I need the help of a good brain, LOL! I want to worm with Prohibit, the label is as follows:

http://agrilabs.com/documents/PLProhibit Soluble Drench Powder.pdf

I have a kitchen scale that will weigh in grams but need confirmation that it works out to 2.4 grams per ounce of water. Instructions indicate that a 52 gram packet of powder should be mixed with 1 gallon (128 fluid oz.) of water. I only have a few sheep that I want to use it on so hate to mix up the whole packet. 

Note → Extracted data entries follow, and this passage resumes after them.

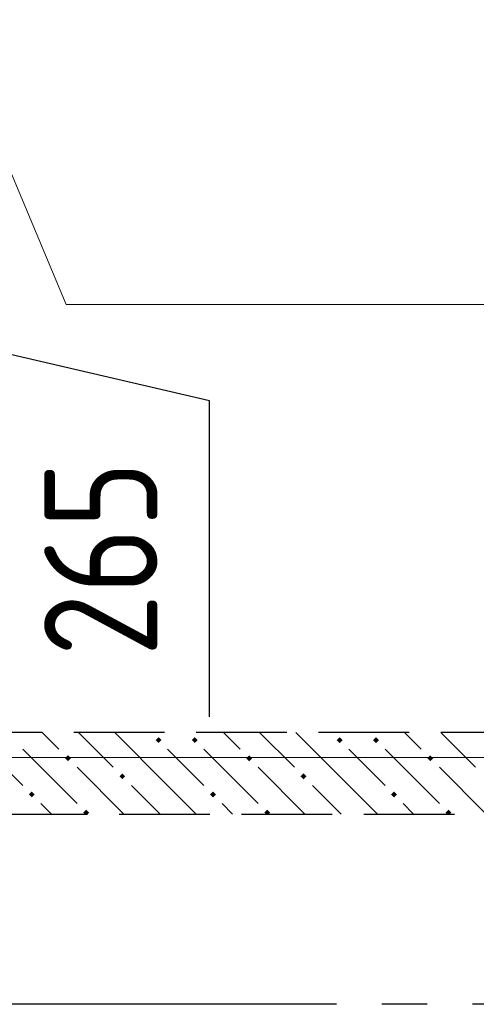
# Model space of a CAD drawing. Header units: millimetres. Extents: x 40580 to 1168286, y -220995 to 81020.
# Tile 32 of 194: x 268528 to 269537, y -110418 to -108245. Entities that reach past the tile are written whole.
import ezdxf

# ---------------------------------------------------------------- set-up
doc = ezdxf.new("R2010")
doc.units = ezdxf.units.MM
for name, pattern in [('______2', [270, 200, -70]), ('______5', [1100, 800, -100, 100, -100]), ('CENTER', [2, 1.25, -0.25, 0.25, -0.25])]:
    doc.linetypes.add(name, pattern=pattern)
doc.layers.add('ЖБ Стена верхний уровень', color=7, linetype='______2', true_color=0x656565)
doc.layers.add('ОСИ', color=7, linetype='CENTER', lineweight=15)
doc.layers.add('Позиционная метка номер позиции', color=7, linetype='Continuous', lineweight=13)
doc.layers.add('Тонкие', color=7, linetype='Continuous')
doc.styles.add('GOST 2.304-81', font='txt')
doc.dimstyles.new('СПДС', dxfattribs={"dimscale": 125, "dimtxt": 250, "dimasz": 250, "dimexe": 50, "dimexo": 10, "dimgap": 100, "dimtad": 1, "dimdec": 0, "dimtxsty": 'GOST 2.304-81', "dimblk": 'OBLIQUE', "dimcen": 250, "dimdle": 50, "dimadec": 0, "dimazin": 2, "dimtfac": 0.75, "dimtdec": 0, "dimtmove": 1, "dimatfit": 3, "dimfxl": 1, "dimtfill": 1, "dimtolj": 1, "dimarcsym": 1})

# ---------------------------------------------------------------- blocks, each defined once
blk = doc.blocks.new('_OBLIQUE')
at = {"color": 0, "linetype": 'ByBlock'}
blk.add_line((-0.5, -0.5), (0.5, 0.5), dxfattribs=at)
blk = doc.blocks.new('*D17146')
at = {"layer": 'Defpoints', "color": 0}
for p in [(267701.9, -108758.4), (268104.7, -108758.4), (267628.3, -109023.4)]:
    blk.add_point(p, dxfattribs=at)
at = {"layer": 'Тонкие', "color": 0, "lineweight": -2}
for p, q in [((268104.7, -109073.4), (268104.7, -108708.4)), ((267711.9, -108758.4), (268154.7, -108758.4)), ((268947.4, -109086.1), (268104.7, -108890.9)), ((267638.3, -109023.4), (268154.7, -109023.4)), ((268947.4, -109784), (268947.4, -109086.1))]:
    blk.add_line(p, q, dxfattribs=at)
at = {"layer": 'Тонкие', "color": 0, "lineweight": -2, "xscale": 250, "yscale": 250, "zscale": 250}
for p, rotation in [((268104.7, -108758.4), 90), ((268104.7, -109023.4), 270)]:
    blk.add_blockref('_OBLIQUE', p, dxfattribs=dict(at, rotation=rotation))
at = {"layer": 'Тонкие', "color": 0, "insert": (268707.6, -109435), "char_height": 250, "attachment_point": 5, "rotation": 90, "style": 'GOST 2.304-81', "bg_fill": 3, "box_fill_scale": 1.1, "bg_fill_color": 256, "bg_fill_true_color": 13158600, "bg_fill_transparency": 0}
blk.add_mtext('\\A1;265', dxfattribs=at)

msp = doc.modelspace()

# ---------------------------------------------------------------- hatches: boundary and pattern name
at = {"layer": 'ЖБ Стена верхний уровень', "linetype": 'Continuous', "lineweight": -3, "transparency": 33554687}
for points in [[(268828.7, -109835.3), (268835.2, -109828.8), (268841.7, -109835.3), (268835.2, -109841.8)], [(268908.7, -109835.3), (268915.2, -109828.8), (268921.7, -109835.3), (268915.2, -109841.8)], [(269228.7, -109835.3), (269235.2, -109828.8), (269241.7, -109835.3), (269235.2, -109841.8)], [(269308.7, -109835.3), (269315.2, -109828.8), (269321.7, -109835.3), (269315.2, -109841.8)], [(268628.7, -109875.3), (268635.2, -109868.8), (268641.7, -109875.3), (268635.2, -109881.8)], [(269028.7, -109875.3), (269035.2, -109868.8), (269041.7, -109875.3), (269035.2, -109881.8)], [(269428.7, -109875.3), (269435.2, -109868.8), (269441.7, -109875.3), (269435.2, -109881.8)], [(268748.7, -109915.3), (268755.2, -109908.8), (268761.7, -109915.3), (268755.2, -109921.8)], [(269148.7, -109915.3), (269155.2, -109908.8), (269161.7, -109915.3), (269155.2, -109921.8)], [(268548.7, -109955.3), (268555.2, -109948.8), (268561.7, -109955.3), (268555.2, -109961.8)], [(268948.7, -109955.3), (268955.2, -109948.8), (268961.7, -109955.3), (268955.2, -109961.8)], [(269348.7, -109955.3), (269355.2, -109948.8), (269361.7, -109955.3), (269355.2, -109961.8)], [(268668.7, -109995.3), (268675.3, -109988.8), (268681.7, -109995.3), (268678.6, -109998.4), (268671.9, -109998.4)], [(269068.7, -109995.3), (269075.3, -109988.8), (269081.7, -109995.3), (269078.6, -109998.4), (269071.9, -109998.4)], [(269468.7, -109995.3), (269475.3, -109988.8), (269481.7, -109995.3), (269478.6, -109998.4), (269471.9, -109998.4)]]:
    msp.add_hatch(color=7, dxfattribs=at).paths.add_polyline_path(points, flags=16)

# ---------------------------------------------------------------- linework, layer by layer
at = {"layer": 'ЖБ Стена верхний уровень', "color": 251, "linetype": '______2', "lineweight": -3, "true_color": 0x656565, "transparency": 33554687}
for p, q in [((271008.3, -109818.4), (268478.3, -109818.4)), ((268478.3, -109998.4), (271008.3, -109998.4))]:
    msp.add_line(p, q, dxfattribs=at)
at = {"layer": 'ЖБ Стена верхний уровень', "color": 9, "linetype": 'Continuous', "lineweight": -3, "true_color": 0xc7c7c7, "transparency": 33554687}
for p, q in [((268578.4, -109818.4), (268615.2, -109855.3)), ((268658.4, -109818.4), (268735.2, -109895.3)), ((268855.2, -109935.3), (268738.4, -109818.4)), ((268978.4, -109818.4), (269015.2, -109855.3)), ((269058.4, -109818.4), (269135.2, -109895.3)), ((269255.2, -109935.3), (269138.4, -109818.4)), ((269378.4, -109818.4), (269415.2, -109855.3)), ((269458.4, -109818.4), (269535.2, -109895.3)), ((268535.2, -109855.3), (268655.2, -109975.3)), ((268855.2, -109855.3), (268935.2, -109935.3)), ((268935.2, -109855.3), (269055.2, -109975.3)), ((269255.2, -109855.3), (269335.2, -109935.3)), ((269335.2, -109855.3), (269455.2, -109975.3)), ((268478.3, -109878.4), (268535.2, -109935.3)), ((268758.4, -109998.4), (268655.2, -109895.3)), ((269158.4, -109998.4), (269055.2, -109895.3)), ((269558.4, -109998.4), (269455.2, -109895.3)), ((268775.3, -109935.3), (268838.4, -109998.4)), ((268855.2, -109935.3), (268918.4, -109998.4)), ((269175.3, -109935.3), (269238.4, -109998.4)), ((269255.2, -109935.3), (269318.4, -109998.4)), ((268598.4, -109998.4), (268575.3, -109975.3)), ((268998.4, -109998.4), (268975.3, -109975.3)), ((269398.4, -109998.4), (269375.3, -109975.3))]:
    msp.add_line(p, q, dxfattribs=at)
at = {"layer": 'ОСИ', "color": 8, "linetype": '______5', "lineweight": -3, "transparency": 33554687}
msp.add_line((292328.3, -110418.4), (261168.3, -110418.4), dxfattribs=at)
at = {"layer": 'Позиционная метка номер позиции', "color": 7, "linetype": 'Continuous', "lineweight": 13, "transparency": 33554687}
for points in [[(268198.3, -107840.9), (268630.8, -108873.4), (272908.3, -108873.4)], [(267469.7, -109017.4), (267469.7, -109873.4), (272908.3, -109873.4)]]:
    msp.add_lwpolyline(points, dxfattribs=at)

# ---------------------------------------------------------------- next in the draw order: dimensions: what is measured, and where the dimension line sits
at = {"layer": 'Тонкие'}
dim = msp.add_linear_dim(base=(268104.7, -108758.4), p1=(267628.3, -109023.4), p2=(267701.9, -108758.4), angle=90, dimstyle='СПДС', override={"dimscale": 1}, dxfattribs=at)
dim.commit()
dim.dimension.update_dxf_attribs({"geometry": '*D17146', "text_midpoint": (268947.4, -109186.1), "dimtype": 160})

doc.saveas('drawing.dxf')

Someone had recommended 1 teaspoon of powder to 1.75 oz. water to make 30 cc of solution.....but actually only 1 oz of fluid is equal to 29.5 cc. I'm getting all bumfuzzled with it. Any help?? Feel free to "dumb it down" for me as much as possible, haha


----------



## RovingAcres (Mar 3, 2013)

I used 3 grams per fl oz because my scale didn't do half grams and it turned out fine. I dosed at 2cc per 50 lbs. If you have a more accurate scale than me 2.4 grams per fl oz should be the correct measurement, I'm pretty sure. 1 fl oz is 2 tablespoons of water and makes about 30 ccs of medication


----------



## Remuda1 (Oct 26, 2011)

Thanks Roving. That all sounds good, but the packet indicates 1/2 ounce per 50 pounds which would be +\- 15 cc per fifty pounds. Am I reading correctly that you only used 2 cc per fifty pounds?


----------



## RovingAcres (Mar 3, 2013)

For the concentrated sheep dose the dosage is 2 cc/50 lbs and 3 g/fl oz. The dosage for the standard solution would be .5 oz/50 lbs and .41 g/fl oz. There are two different sheep dosages on the label which makes it kind of confusing.


----------



## Remuda1 (Oct 26, 2011)

Thank you!!


----------



## unregistered168043 (Sep 9, 2011)

Just had the same dilemna and called the company, 'agrilabs'. I told them that I needed a smaller doseage measure as I do not have a scale and the package was already opened and used. First they had to qualify their response by saying they do not recommend mixing in any measure other than 1 package per gallon. But then they said if I did want to try it "at my own risk" I should use 1/4 teaspoon per 1/2 cup of water...and 2 ounces for 200lbs ( presumeably 1 oz for 100lbs ).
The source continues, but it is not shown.